_WHAT YOU WILL DO:_
For the listing below, show each line that includes the string "blocks".

******************************

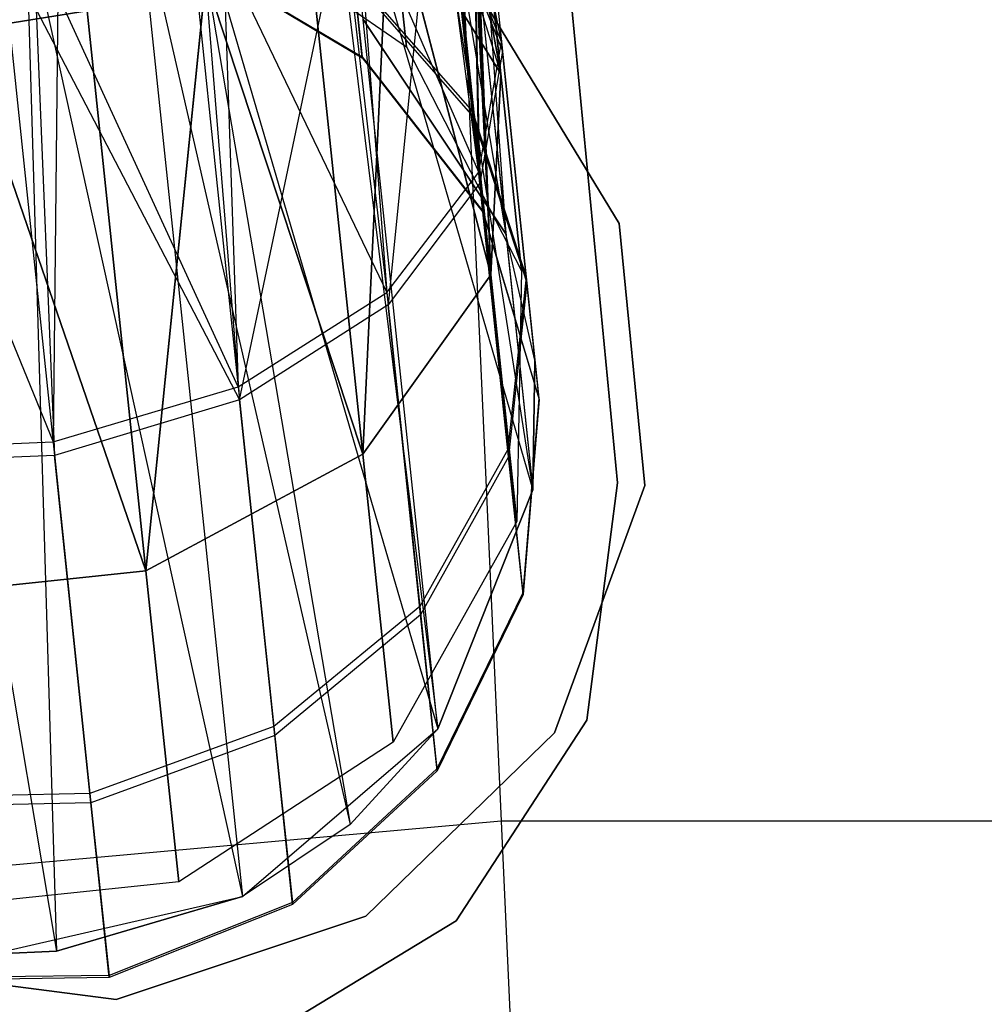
# Model space of a CAD drawing. Extents: x 0.3 to 7.1, y -3.38 to 3.38.
# Tile 268 of 604: x 3.54 to 3.72, y 1.38 to 1.57. Entities that reach past the tile are written whole.
import ezdxf

# ---------------------------------------------------------------- set-up
doc = ezdxf.new("R2010")
doc.units = 0
doc.header["$LTSCALE"] = 2.54
doc.layers.get('0').update_dxf_attribs({"linetype": 'CONTINUOUS'})

# ---------------------------------------------------------------- blocks, each defined once
blk = doc.blocks.new('SINGLES_AVVSTL_STL')
at = {"color": 0}
for p, q in [((3.60683, 1.63858, 20.47396), (3.63262, 1.55551, 20.46236)), ((3.60683, 1.63858, 20.47396), (3.63262, 1.55551, 20.46236)), ((3.63274, 1.56143, 54.87628), (3.61856, 1.6317, 54.8778)), ((3.63274, 1.56143, 54.87628), (3.61856, 1.6317, 54.8778)), ((3.63262, 1.55551, 20.22652), (3.61892, 1.6307, 20.1956)), ((3.63262, 1.55551, 20.22652), (3.61892, 1.6307, 20.1956)), ((3.61892, 1.6307, 20.49327), (3.63262, 1.55551, 20.46236)), ((3.61892, 1.6307, 20.49327), (3.63262, 1.55551, 20.46236)), ((3.61698, 1.62466, 61.46633), (3.63356, 1.52578, 61.44865)), ((3.61698, 1.62466, 61.46633), (3.63356, 1.52578, 61.44865)), ((3.62352, 1.62136, 61.44863), (3.63356, 1.52578, 61.44865)), ((3.62352, 1.62136, 61.44863), (3.63356, 1.52578, 61.44865)), ((3.6257, 1.62138, 20.51445), (3.63262, 1.55551, 20.46236)), ((3.6257, 1.62138, 20.51445), (3.63262, 1.55551, 20.46236)), ((3.6257, 1.62138, 20.51445), (3.63075, 1.51812, 20.49216)), ((3.6257, 1.62138, 20.51445), (3.63075, 1.51812, 20.49216)), ((3.62664, 1.61908, 54.90861), (3.63274, 1.56143, 54.87628)), ((3.62664, 1.61908, 54.90861), (3.63274, 1.56143, 54.87628)), ((3.62678, 1.61807, 54.91094), (3.63274, 1.56143, 54.87628)), ((3.62678, 1.61807, 54.91094), (3.63274, 1.56143, 54.87628)), ((3.62681, 1.61745, 54.54262), (3.63291, 1.55974, 54.57553)), ((3.62681, 1.61745, 54.54262), (3.63291, 1.55974, 54.57553)), ((3.62686, 1.61705, 54.91328), (3.63274, 1.56143, 54.87628)), ((3.62686, 1.61705, 54.91328), (3.63274, 1.56143, 54.87628)), ((3.62686, 1.61705, 54.91328), (3.62849, 1.5372, 54.90357)), ((3.62686, 1.61705, 54.91328), (3.62849, 1.5372, 54.90357)), ((3.63262, 1.55551, 20.22652), (3.62696, 1.61634, 20.16352)), ((3.63262, 1.55551, 20.22652), (3.62696, 1.61634, 20.16352)), ((3.62696, 1.61634, 20.52535), (3.63075, 1.51812, 20.49216)), ((3.62696, 1.61634, 20.52535), (3.63075, 1.51812, 20.49216)), ((3.62696, 1.61634, 54.54008), (3.63291, 1.55974, 54.57553)), ((3.62696, 1.61634, 54.54008), (3.63291, 1.55974, 54.57553)), ((3.62696, 1.61634, 61.42473), (3.63356, 1.52578, 61.44865)), ((3.62696, 1.61634, 61.42473), (3.63356, 1.52578, 61.44865)), ((3.62704, 1.61522, 54.53752), (3.6287, 1.5352, 54.5485)), ((3.62704, 1.61522, 54.53752), (3.6287, 1.5352, 54.5485)), ((3.62704, 1.61522, 54.53752), (3.63291, 1.55974, 54.57553)), ((3.62704, 1.61522, 54.53752), (3.63291, 1.55974, 54.57553)), ((3.62464, 1.61071, 61.40081), (3.63856, 1.47817, 61.40079)), ((3.62464, 1.61071, 61.40081), (3.63356, 1.52578, 61.44865)), ((3.62464, 1.61071, 61.40081), (3.63856, 1.47817, 61.40079)), ((3.62464, 1.61071, 61.40081), (3.63356, 1.52578, 61.44865)), ((3.63262, 1.55551, 20.22652), (3.62678, 1.61116, 20.15262)), ((3.63262, 1.55551, 20.22652), (3.62678, 1.61116, 20.15262)), ((3.63075, 1.51812, 20.1967), (3.62678, 1.61116, 20.15262)), ((3.63075, 1.51812, 20.1967), (3.62678, 1.61116, 20.15262)), ((3.62678, 1.61116, 20.53625), (3.63075, 1.51812, 20.49216)), ((3.62678, 1.61116, 20.53625), (3.63075, 1.51812, 20.49216)), ((3.6186, 1.60589, 61.38237), (3.63856, 1.47817, 61.40079)), ((3.6186, 1.60589, 61.38237), (3.63856, 1.47817, 61.40079)), ((3.62158, 1.60297, 54.94406), (3.62849, 1.5372, 54.90357)), ((3.62158, 1.60297, 54.94406), (3.62849, 1.5372, 54.90357)), ((3.63075, 1.51812, 20.1967), (3.62208, 1.60063, 20.13144)), ((3.63075, 1.51812, 20.1967), (3.62208, 1.60063, 20.13144)), ((3.62208, 1.60063, 20.55742), (3.63075, 1.51812, 20.49216)), ((3.62208, 1.60063, 20.55742), (3.63075, 1.51812, 20.49216)), ((3.62087, 1.4337, 61.35841), (3.60352, 1.59887, 61.35842)), ((3.60352, 1.59887, 61.35842), (3.63856, 1.47817, 61.40079)), ((3.60352, 1.59887, 61.35842), (3.63856, 1.47817, 61.40079)), ((3.62087, 1.4337, 61.35841), (3.60352, 1.59887, 61.35842)), ((3.6203, 1.59933, 54.50336), (3.61163, 1.51255, 54.52513)), ((3.6203, 1.59933, 54.50336), (3.61163, 1.51255, 54.52513)), ((3.6203, 1.59933, 54.50336), (3.6287, 1.5352, 54.5485)), ((3.6203, 1.59933, 54.50336), (3.6287, 1.5352, 54.5485)), ((3.60058, 1.59781, 61.35514), (3.62087, 1.4337, 61.35841)), ((3.60058, 1.59781, 61.35514), (3.62087, 1.4337, 61.35841)), ((3.57491, 1.59068, 61.3357), (3.6046, 1.41592, 61.34243)), ((3.57491, 1.59068, 61.3357), (3.6046, 1.41592, 61.34243)), ((3.57491, 1.59068, 61.3357), (3.62087, 1.4337, 61.35841)), ((3.57491, 1.59068, 61.3357), (3.62087, 1.4337, 61.35841)), ((3.62849, 1.5372, 54.90357), (3.60568, 1.58963, 54.97045)), ((3.60568, 1.58963, 54.97045), (3.61139, 1.51482, 54.92718)), ((3.60568, 1.58963, 54.97045), (3.61139, 1.51482, 54.92718)), ((3.62849, 1.5372, 54.90357), (3.60568, 1.58963, 54.97045)), ((3.60692, 1.48477, 20.17199), (3.61189, 1.59041, 20.11213)), ((3.60692, 1.48477, 20.17199), (3.61189, 1.59041, 20.11213)), ((3.61189, 1.59041, 20.57673), (3.60692, 1.48477, 20.51688)), ((3.61189, 1.59041, 20.57673), (3.60692, 1.48477, 20.51688)), ((3.63075, 1.51812, 20.1967), (3.61189, 1.59041, 20.11213)), ((3.63075, 1.51812, 20.1967), (3.61189, 1.59041, 20.11213)), ((3.61189, 1.59041, 20.57673), (3.63075, 1.51812, 20.49216)), ((3.61189, 1.59041, 20.57673), (3.63075, 1.51812, 20.49216)), ((3.565, 1.58861, 61.33123), (3.58454, 1.40254, 61.33122)), ((3.565, 1.58861, 61.33123), (3.58454, 1.40254, 61.33122)), ((3.565, 1.58861, 61.33123), (3.6046, 1.41592, 61.34243)), ((3.565, 1.58861, 61.33123), (3.6046, 1.41592, 61.34243)), ((3.57617, 1.58752, 20.31945), (3.61503, 1.5605, 20.31234)), ((3.57617, 1.58752, 20.36942), (3.61503, 1.5605, 20.37653)), ((3.57617, 1.58752, 20.31945), (3.61503, 1.5605, 20.31234)), ((3.57617, 1.58752, 20.36942), (3.61503, 1.5605, 20.37653)), ((3.6121, 1.5884, 20.25459), (3.63262, 1.55551, 20.22652)), ((3.63262, 1.55551, 20.46236), (3.6121, 1.5884, 20.43428)), ((3.61503, 1.5605, 20.31234), (3.6121, 1.5884, 20.25459)), ((3.61503, 1.5605, 20.31234), (3.6121, 1.5884, 20.25459)), ((3.6121, 1.5884, 20.25459), (3.63262, 1.55551, 20.22652)), ((3.6121, 1.5884, 20.43428), (3.61503, 1.5605, 20.37653)), ((3.6121, 1.5884, 20.43428), (3.61503, 1.5605, 20.37653)), ((3.63262, 1.55551, 20.46236), (3.6121, 1.5884, 20.43428)), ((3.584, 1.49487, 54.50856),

******************************

_ANSWER TO THE PROBLEM:_
# ---------------------------------------------------------------- blocks, each defined once
blk = doc.blocks.new('SINGLES_AVVSTL_STL')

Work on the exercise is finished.